Fergesson había elegido con cuidado algunas prendas para Charlotte. En la trastienda encontró pilas de camisas de tela resistente, y algunos pantalones. Parecía que se habían salvado de la temible pulverización negra. Se trataba de reproducciones recientes o, ¿por qué no?, de originales guardados por los dueños, que habían servido de modelos para copiar. En una zapatería que todavía estaba abierta, habla encontrado un par de sandalias de tacón bajo. Además, le había dado un cinturón después que el que sacara de la tienda se había desintegrado mientras trataba de ajustarlo en torno a la cintura de la muchacha.
Mientras los cuatro se iban acercando al centro del parque, Untermeyer llevaba la caja firmemente entre sus manos. La gente caminaba en silencio, con el rostro preocupado, la expresión sombría. Nadie hablaba; todos llevaban algún objeto preciado u originales cuidadosamente conservados a través de los siglos, o buenas reproducciones con pequeños defectos. Los rostros eran máscaras tensas en que la ansiedad se mezclaba con el temor.
- Miren, aquí están - dijo Dawes, que había quedado retrasado -. Los huevos muertos.
Bajo un grupo de árboles, a la orilla del parque, había un cúmulo de esferas color gris parduzco, del tamaño de pelotas de básquet. Algunos estaban rotos, tenían la superficie endurecida, calcinada. Había trozos de cáscara esparcidos por doquier.
Untermeyer dio un puntapié a uno de los huevos; frágil y vacío como estaba, se hizo añicos.
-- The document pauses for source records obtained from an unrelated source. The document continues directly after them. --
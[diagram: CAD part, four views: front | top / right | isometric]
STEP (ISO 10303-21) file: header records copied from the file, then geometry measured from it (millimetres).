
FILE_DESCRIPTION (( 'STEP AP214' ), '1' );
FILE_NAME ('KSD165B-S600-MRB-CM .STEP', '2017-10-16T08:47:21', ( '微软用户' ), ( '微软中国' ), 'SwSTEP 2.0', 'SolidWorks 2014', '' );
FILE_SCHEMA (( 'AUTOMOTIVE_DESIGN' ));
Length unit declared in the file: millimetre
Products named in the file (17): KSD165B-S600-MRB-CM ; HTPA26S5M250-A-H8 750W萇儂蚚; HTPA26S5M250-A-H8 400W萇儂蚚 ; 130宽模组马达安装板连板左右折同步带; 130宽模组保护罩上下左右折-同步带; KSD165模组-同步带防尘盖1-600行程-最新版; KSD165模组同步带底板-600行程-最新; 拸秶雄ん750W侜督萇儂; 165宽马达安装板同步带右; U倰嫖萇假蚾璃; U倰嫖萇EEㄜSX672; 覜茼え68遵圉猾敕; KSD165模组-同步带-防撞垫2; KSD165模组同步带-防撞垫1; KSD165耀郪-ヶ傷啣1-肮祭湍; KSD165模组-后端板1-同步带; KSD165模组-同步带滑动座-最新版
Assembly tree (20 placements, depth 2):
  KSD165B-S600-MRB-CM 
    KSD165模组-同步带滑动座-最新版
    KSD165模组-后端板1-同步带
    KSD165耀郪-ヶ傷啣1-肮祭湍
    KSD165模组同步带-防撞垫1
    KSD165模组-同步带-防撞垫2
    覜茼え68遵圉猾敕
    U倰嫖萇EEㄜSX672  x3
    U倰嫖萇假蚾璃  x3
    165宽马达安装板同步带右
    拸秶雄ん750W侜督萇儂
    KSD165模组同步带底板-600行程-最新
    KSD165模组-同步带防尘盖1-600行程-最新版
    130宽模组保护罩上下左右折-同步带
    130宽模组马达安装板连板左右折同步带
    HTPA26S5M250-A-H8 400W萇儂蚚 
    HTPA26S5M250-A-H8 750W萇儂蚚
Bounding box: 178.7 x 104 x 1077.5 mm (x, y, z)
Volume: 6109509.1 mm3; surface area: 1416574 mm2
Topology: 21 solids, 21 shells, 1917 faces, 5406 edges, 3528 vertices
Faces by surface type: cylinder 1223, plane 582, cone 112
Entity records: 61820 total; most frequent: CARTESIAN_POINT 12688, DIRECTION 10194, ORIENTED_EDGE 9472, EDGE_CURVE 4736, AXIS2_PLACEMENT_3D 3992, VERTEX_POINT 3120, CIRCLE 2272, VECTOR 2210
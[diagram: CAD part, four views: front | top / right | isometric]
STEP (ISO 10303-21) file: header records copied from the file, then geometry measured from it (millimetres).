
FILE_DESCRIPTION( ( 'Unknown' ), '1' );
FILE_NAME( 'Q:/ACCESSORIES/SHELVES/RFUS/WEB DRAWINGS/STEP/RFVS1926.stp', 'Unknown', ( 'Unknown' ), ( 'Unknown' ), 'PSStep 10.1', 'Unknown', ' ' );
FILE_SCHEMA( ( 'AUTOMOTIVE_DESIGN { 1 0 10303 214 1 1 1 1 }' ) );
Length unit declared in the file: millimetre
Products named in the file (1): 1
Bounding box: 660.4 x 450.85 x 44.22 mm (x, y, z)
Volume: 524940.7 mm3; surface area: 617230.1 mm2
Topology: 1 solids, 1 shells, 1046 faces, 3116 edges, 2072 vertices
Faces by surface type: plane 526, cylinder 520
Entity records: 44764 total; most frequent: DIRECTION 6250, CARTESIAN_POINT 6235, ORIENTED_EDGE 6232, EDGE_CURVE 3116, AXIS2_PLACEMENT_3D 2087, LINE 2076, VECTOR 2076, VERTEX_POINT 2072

- Algún animal debe haberlos sorbido - dijo -. Nos estamos acercando al fin, Fergesson. Creo que los perros llegan hasta aquí de noche, y se alimentan de ellos. Está demasiado débil para proteger sus huevos.
Un espasmo de indignación sorda sacudió a la multitud que esperaba. Los ojos con los bordes enrojecidos expresaban enojo y miseria mientras aferraban sus objetos. Todos se mantenían unidos en una masa compacta, para darse coraje; era un anillo de humanidad indignada y paciente al mismo tiempo. Empezaban a cansarse de esperar.
- ¿Qué diablos es esto? - preguntó Untermeyer.
Se había puesto en cuclillas ante un objeto de forma vaga arrojado bajo un árbol. Pasó los dedos sobre el montón informe de metal. El objeto parecía fundido como cera, no podían distinguir en él características precisas.
- No puedo identificarlo - dijo.
- Es una cortadora eléctrica de césped - dijo hoscamente un hombre que estaba cerca.
- ¿Cuánto hace que lo reprodujo? - preguntó Allen.
- Cuatro días - contestó el hombre golpeando la máquina con furia -. Ni siquiera se distingue lo que es. Puede ser cualquier cosa. La mía está gastada, traje la original que había en la colonia; pasé un día haciendo la cola... Y miren lo que conseguí - dijo escupiendo con desprecio -. No vale nada. La dejé tirada, ¿para qué llevarla a casa?
- ¿Que vamos a hacer? - preguntó su mujer, con voz chillona y dura -. La cortadora vieja ya no nos sirve; se está cayendo en pedazos, como todo lo que hay por aquí. Si las reproducciones no sirven, entonces...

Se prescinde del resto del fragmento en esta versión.